Records supplied ▸
———
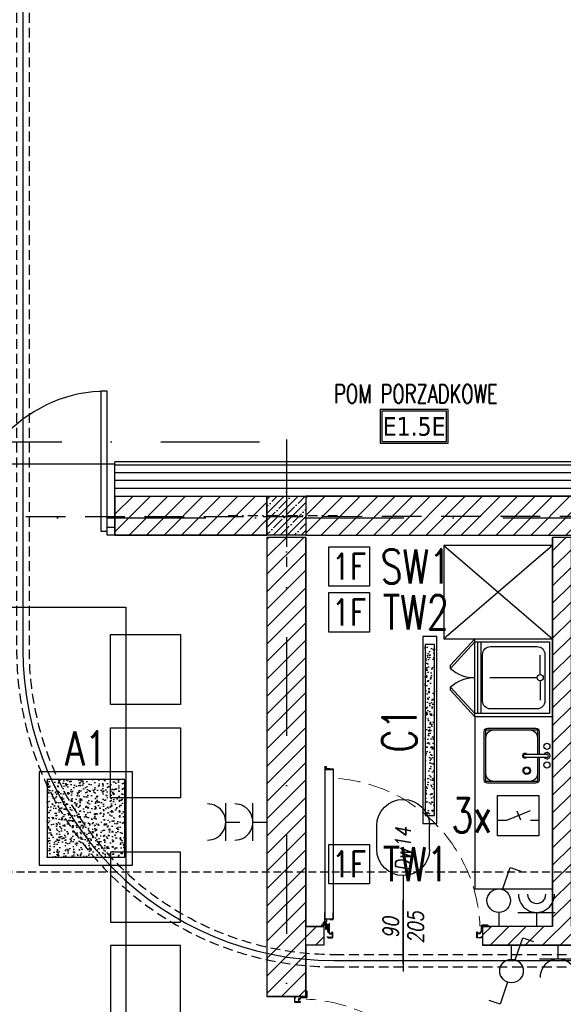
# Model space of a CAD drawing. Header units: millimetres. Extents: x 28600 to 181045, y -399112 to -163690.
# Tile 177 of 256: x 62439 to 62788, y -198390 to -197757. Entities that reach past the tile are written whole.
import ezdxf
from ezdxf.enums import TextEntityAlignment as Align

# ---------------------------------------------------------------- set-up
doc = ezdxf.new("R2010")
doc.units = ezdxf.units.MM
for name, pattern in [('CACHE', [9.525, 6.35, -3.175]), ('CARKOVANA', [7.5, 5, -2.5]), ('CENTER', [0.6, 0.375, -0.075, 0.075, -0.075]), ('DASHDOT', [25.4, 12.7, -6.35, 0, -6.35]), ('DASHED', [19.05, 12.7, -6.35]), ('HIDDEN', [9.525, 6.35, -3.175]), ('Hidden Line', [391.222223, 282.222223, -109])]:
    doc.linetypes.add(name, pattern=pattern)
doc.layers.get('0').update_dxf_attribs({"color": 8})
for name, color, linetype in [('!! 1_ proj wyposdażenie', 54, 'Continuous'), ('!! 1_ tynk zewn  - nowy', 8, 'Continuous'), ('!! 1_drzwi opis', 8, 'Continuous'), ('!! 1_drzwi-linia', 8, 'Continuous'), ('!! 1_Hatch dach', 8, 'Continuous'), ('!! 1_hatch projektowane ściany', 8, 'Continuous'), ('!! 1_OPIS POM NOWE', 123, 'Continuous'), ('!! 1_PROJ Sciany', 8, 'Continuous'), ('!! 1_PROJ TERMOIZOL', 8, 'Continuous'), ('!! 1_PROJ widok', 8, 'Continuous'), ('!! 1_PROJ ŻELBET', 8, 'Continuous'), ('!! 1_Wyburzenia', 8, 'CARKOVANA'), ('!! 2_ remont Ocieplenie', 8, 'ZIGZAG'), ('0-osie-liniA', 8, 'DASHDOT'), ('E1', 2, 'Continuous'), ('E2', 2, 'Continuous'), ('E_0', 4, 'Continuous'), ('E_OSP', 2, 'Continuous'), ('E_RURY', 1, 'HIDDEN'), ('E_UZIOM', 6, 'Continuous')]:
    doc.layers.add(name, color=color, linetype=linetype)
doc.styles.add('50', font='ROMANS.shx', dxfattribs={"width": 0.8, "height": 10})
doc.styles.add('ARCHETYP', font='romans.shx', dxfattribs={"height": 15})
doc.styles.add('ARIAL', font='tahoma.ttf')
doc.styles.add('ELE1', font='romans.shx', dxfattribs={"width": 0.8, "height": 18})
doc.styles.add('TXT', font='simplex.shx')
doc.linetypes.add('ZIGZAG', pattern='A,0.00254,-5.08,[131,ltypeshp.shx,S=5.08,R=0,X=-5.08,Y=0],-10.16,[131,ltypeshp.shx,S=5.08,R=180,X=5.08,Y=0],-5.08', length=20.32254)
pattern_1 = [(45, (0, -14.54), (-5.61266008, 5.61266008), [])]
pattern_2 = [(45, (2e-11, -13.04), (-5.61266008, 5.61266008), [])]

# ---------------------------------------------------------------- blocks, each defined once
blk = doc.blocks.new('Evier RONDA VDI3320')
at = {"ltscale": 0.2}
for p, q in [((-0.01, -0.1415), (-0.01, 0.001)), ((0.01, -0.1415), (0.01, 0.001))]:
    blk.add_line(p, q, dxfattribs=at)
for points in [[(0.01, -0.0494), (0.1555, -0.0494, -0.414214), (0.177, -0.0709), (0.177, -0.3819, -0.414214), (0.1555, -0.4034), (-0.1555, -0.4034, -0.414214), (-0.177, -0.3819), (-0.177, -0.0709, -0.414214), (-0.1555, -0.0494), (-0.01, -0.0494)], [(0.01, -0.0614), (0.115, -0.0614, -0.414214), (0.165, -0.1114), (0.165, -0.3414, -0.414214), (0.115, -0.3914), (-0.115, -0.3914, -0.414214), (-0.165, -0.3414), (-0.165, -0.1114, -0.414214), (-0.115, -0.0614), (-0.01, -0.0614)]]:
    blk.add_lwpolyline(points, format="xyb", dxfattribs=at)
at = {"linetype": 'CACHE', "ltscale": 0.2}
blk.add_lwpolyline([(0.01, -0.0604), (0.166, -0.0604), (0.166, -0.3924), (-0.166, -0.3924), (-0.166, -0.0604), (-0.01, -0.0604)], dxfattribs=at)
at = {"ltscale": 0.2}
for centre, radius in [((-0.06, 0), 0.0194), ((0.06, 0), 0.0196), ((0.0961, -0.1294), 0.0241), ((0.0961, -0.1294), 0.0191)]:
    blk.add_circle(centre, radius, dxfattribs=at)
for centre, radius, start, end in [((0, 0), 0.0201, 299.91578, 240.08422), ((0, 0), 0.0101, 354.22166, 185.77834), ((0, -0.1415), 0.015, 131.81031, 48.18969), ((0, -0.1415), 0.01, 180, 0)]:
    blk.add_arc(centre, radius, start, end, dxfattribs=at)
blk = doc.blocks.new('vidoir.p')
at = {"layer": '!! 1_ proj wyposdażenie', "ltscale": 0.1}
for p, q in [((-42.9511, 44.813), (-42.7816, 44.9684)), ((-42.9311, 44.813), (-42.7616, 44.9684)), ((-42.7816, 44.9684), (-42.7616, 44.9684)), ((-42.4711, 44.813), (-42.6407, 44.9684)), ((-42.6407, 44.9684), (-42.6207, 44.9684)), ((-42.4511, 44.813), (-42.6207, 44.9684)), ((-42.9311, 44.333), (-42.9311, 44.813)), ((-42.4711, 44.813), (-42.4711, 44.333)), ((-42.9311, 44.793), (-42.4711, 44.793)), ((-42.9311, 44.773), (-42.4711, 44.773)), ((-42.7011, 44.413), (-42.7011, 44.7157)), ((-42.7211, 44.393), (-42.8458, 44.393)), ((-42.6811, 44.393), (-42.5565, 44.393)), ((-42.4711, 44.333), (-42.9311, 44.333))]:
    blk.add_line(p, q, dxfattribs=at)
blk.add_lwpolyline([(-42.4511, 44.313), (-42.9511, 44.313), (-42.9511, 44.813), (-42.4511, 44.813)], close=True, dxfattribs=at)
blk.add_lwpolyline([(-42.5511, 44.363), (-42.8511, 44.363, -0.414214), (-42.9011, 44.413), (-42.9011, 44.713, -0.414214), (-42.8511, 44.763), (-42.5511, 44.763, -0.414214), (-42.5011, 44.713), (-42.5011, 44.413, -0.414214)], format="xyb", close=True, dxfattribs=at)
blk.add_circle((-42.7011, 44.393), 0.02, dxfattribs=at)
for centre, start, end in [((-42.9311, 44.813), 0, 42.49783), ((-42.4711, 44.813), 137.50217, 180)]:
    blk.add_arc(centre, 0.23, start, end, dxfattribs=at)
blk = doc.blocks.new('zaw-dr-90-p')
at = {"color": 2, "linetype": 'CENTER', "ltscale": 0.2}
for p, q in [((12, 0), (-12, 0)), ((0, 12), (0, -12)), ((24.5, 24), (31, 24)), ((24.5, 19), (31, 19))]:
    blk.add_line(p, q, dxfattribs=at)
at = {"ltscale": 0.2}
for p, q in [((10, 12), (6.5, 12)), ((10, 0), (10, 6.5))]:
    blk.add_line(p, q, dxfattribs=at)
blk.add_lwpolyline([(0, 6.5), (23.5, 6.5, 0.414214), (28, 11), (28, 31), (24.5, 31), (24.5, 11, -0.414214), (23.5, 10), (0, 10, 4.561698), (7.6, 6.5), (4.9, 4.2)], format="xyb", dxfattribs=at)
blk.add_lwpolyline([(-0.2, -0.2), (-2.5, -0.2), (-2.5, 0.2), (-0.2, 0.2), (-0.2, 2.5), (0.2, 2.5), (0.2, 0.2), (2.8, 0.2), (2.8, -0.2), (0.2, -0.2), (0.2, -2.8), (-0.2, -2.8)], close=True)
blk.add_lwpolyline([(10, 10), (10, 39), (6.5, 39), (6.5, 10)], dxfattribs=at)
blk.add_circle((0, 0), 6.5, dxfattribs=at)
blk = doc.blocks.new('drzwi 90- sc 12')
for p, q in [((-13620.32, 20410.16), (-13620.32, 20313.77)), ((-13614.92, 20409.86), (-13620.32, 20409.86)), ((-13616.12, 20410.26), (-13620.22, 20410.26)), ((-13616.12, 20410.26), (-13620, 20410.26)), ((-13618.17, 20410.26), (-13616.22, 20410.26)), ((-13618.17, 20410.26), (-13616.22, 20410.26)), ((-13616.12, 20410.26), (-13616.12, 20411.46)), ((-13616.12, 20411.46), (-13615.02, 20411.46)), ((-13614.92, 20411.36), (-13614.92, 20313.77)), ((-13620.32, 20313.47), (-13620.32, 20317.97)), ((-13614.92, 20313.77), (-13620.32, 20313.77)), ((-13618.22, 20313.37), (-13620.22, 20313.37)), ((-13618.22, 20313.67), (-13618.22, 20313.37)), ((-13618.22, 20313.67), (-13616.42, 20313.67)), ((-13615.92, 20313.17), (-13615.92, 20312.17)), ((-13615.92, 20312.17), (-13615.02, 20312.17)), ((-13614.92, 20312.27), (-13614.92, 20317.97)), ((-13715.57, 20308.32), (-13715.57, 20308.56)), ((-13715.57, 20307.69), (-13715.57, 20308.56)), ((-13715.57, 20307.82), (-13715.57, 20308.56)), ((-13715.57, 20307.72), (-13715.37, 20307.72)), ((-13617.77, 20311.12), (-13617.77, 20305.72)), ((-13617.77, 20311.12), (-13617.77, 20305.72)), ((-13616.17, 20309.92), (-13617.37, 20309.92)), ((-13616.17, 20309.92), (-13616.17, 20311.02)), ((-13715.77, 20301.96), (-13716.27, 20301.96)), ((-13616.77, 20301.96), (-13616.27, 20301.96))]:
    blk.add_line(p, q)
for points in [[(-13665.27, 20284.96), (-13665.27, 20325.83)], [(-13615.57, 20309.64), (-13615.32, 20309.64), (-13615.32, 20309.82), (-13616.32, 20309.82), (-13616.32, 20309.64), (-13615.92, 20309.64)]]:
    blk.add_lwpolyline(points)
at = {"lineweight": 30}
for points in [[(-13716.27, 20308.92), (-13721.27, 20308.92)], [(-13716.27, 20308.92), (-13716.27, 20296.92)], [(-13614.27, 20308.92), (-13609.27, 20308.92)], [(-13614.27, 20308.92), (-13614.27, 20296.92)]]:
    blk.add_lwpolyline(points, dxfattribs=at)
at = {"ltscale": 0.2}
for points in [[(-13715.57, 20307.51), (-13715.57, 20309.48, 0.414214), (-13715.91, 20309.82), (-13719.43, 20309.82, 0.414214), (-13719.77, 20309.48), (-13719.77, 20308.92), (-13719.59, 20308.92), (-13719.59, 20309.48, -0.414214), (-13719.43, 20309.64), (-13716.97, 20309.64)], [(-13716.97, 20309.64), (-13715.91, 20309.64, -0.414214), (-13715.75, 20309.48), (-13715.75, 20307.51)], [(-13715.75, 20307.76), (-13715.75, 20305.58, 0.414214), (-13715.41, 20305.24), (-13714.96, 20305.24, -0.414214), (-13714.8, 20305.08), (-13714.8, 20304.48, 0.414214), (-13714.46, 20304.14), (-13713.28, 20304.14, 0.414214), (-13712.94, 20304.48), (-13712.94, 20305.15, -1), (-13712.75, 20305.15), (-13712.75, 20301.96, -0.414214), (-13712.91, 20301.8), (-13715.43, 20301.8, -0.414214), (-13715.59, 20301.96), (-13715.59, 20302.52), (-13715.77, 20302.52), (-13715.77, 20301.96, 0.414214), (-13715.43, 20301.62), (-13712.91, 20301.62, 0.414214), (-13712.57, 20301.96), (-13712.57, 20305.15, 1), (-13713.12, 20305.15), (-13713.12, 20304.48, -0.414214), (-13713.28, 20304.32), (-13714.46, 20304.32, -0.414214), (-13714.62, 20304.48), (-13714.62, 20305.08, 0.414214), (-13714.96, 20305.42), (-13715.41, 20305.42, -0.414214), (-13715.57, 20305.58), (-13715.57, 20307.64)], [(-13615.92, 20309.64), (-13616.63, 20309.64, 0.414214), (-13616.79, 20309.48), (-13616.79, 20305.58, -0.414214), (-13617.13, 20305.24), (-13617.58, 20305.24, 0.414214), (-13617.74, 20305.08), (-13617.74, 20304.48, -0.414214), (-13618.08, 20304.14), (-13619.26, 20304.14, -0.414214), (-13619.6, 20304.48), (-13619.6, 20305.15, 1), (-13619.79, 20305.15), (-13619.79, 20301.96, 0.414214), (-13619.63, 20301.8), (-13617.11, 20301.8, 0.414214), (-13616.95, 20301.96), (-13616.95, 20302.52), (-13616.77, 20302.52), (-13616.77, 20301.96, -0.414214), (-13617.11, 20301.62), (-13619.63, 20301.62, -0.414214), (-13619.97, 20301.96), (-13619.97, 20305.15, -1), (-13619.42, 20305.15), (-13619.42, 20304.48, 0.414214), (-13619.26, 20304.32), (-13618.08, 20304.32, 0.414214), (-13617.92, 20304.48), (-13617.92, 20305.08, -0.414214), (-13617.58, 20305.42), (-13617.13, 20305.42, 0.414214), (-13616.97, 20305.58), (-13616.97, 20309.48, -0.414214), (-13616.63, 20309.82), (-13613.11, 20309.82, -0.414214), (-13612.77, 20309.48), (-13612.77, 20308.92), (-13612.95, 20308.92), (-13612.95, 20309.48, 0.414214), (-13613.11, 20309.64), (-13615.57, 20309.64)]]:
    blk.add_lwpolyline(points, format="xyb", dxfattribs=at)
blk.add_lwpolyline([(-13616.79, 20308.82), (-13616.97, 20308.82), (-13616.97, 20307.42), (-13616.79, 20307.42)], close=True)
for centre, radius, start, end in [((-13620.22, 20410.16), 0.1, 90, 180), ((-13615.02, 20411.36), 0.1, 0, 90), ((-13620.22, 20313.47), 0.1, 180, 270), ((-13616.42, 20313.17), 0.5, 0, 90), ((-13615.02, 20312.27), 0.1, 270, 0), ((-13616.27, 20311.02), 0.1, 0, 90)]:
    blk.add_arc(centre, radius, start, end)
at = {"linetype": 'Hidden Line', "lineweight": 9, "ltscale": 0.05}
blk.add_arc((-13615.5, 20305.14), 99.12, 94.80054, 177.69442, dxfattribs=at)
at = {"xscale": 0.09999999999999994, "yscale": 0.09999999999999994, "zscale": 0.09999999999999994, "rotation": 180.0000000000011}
———
Required action ▸ Determine how many lines of the entries above carry the string "layers", and give that number alone.

Response for this exercise ▸ 2